End of Year Estate and Gift Tax Planning Considerations 2018

 

As the end of the year approaches, there are a number of planning techniques that individuals can consider implementing before December 31, and after the first of the year, to take advantage of estate and gift tax savings opportunities.

Gifts to Individuals

Individuals may gift away a certain amount of assets to other individuals free of gift tax up to the annual exclusion limit. The 2018 limit on such gifts – $15,000 per donee per year – will apply in 2019 as well.  In addition, married couples will still be able to gift up to $30,000 to each donee.  It is important to remember that a donor is not limited to a certain number of annual exclusion gifts every year.  Making annual gifts to multiple beneficiaries enables individuals to transfer significant wealth over time.  The gift is considered to be made on the date the donee receives the gift.  Therefore, in the case of checks, the donee must cash the check before the end of the year for it to count towards 2018.  Since the gift tax annual exclusion is based on a calendar year, individuals also may wish to make 2019 gifts in early January.

Individuals interested in creating or adding to 529 Plan accounts for children or grandchildren should make the contributions before year-end and consider front-loading the accounts with five years’ worth of annual exclusion gifts.

Gifts to Charities

Gifts made to charities enjoy the dual benefits of reducing estate tax exposure and yielding current income tax deductions.  Such transfers must be effectuated on or before December 31 in order for donors to reap the tax benefit in 2019, when 2018 tax returns are filed and income tax is due to be paid.  It is important that donations be delivered to the charity before December 31, as the deduction is recognized on the date the charity receives the gift, not the date the check was written.

Maximization of Income Tax Savings with QCDs and RMDs

IRA owners must begin taking required minimum distributions (“RMDs”) after age 70½. These distributions are generally taxable income to the account owner.  It is possible, however, to reduce or eliminate such taxable income through use of qualified charitable distributions (“QCDs”).  A QCD is a direct transfer of funds from an IRA to a qualified charity.  When a QCD is made, the amount gifted to the charity is counted toward satisfying the IRA owner’s RMDs for the year but is excluded from his or her taxable income. Before QCDs became available to use, an individual traditionally would take a distribution from his or her IRA and then donate the amount of the distribution to charity. With this approach, the IRA distribution would be included in the individual’s income.  The individual would then claim an itemized charitable deduction for the amount of the distribution. However, under the new tax law, many people will not benefit from itemized deductions and therefore, with the traditional approach, will not be able to offset the additional income with a charitable deduction.
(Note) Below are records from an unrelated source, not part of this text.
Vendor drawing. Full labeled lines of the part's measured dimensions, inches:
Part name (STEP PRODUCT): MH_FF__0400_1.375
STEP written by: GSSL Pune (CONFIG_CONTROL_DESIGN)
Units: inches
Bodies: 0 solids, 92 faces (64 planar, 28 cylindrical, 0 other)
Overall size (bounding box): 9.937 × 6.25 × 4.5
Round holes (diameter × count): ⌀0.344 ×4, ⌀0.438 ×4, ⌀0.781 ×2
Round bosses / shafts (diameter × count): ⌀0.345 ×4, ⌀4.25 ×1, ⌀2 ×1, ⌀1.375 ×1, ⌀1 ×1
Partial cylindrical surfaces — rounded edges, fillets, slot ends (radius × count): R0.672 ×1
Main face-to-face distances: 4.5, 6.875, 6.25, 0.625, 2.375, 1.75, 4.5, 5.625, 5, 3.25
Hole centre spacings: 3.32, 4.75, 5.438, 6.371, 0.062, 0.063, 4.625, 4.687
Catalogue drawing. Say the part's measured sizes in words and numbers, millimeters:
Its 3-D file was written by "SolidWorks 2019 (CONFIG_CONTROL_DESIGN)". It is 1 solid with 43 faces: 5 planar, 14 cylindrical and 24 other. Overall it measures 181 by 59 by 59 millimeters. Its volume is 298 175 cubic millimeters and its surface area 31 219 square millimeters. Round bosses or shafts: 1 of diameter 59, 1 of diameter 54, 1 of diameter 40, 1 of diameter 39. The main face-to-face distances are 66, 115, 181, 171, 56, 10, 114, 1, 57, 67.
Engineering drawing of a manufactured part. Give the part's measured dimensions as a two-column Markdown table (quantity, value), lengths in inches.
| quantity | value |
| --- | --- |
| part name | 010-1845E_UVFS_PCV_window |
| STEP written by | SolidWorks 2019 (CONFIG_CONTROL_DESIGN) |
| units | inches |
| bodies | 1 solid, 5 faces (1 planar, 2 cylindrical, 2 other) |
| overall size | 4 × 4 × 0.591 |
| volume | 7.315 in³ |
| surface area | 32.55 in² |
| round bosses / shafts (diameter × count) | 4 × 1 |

In contrast, the QCD strategy enables the IRA owner to reduce his or her income and resultant tax.  In addition, because adjusted gross income determines the taxation of Social Security Benefits, Medicare surcharges, and other tax deductions, credits, and benefits, use of QCDs can have significant ancillary tax advantages. It is important to note that QCDs are only available to IRA owners age 70½ and older.  In addition, private foundations and donor-advised funds do not count as qualified charitable organizations for purposes of QCDs.

Review of Estate Planning Documents

It is advisable for individuals to review Wills, Trusts and other estate planning documents periodically. The end or beginning of each year is a good time for this.  When reviewing estate plans, individuals should consider these questions:

  1. Do the provisions still accomplish your goals?
  2. Have your documents been updated to take advantage of changes to tax laws?
  3. Do your documents contain provisions that provide asset protection to your children, grandchildren and other loved ones?
  4. Are the fiduciaries named (Executor, Trustee, Power of Attorney/Agent, Health Care Agent) still appropriate?
  5. Are your Durable Power of Attorney and Living Will updated to your current wishes?
  6. Have estate planning concepts, funeral arrangements and decisions on anatomical gifts been discussed with family?
  7. Are your life insurance policy and retirement plan beneficiary designations still appropriate and in line with your overall estate plan?
  8. Are bank accounts and other assets titled in line with your overall estate plan?
  9. For business owners, are buy-sell agreements and the related valuations and life insurance policies up to date?